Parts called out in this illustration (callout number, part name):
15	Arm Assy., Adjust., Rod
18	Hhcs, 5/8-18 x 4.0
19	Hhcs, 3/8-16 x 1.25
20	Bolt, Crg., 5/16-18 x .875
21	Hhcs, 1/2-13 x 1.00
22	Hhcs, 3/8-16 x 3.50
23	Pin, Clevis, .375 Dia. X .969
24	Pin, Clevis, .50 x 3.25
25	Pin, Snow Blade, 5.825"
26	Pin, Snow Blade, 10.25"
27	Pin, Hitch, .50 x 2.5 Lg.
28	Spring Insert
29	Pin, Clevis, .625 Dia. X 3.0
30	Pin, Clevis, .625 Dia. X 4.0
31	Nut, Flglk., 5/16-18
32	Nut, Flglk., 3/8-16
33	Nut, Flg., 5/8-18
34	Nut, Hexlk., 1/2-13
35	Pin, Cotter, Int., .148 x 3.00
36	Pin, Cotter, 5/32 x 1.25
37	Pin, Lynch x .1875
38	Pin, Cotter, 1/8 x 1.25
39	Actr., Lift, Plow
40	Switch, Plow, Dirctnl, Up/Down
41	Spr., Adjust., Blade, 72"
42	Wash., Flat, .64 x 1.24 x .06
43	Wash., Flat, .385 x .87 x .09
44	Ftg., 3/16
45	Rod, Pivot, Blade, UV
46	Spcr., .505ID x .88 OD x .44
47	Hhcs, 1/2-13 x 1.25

## Required work
Copy all lines from the material that hold "Adjust".

## Task response
15	Arm Assy., Adjust., Rod
41	Spr., Adjust., Blade, 72"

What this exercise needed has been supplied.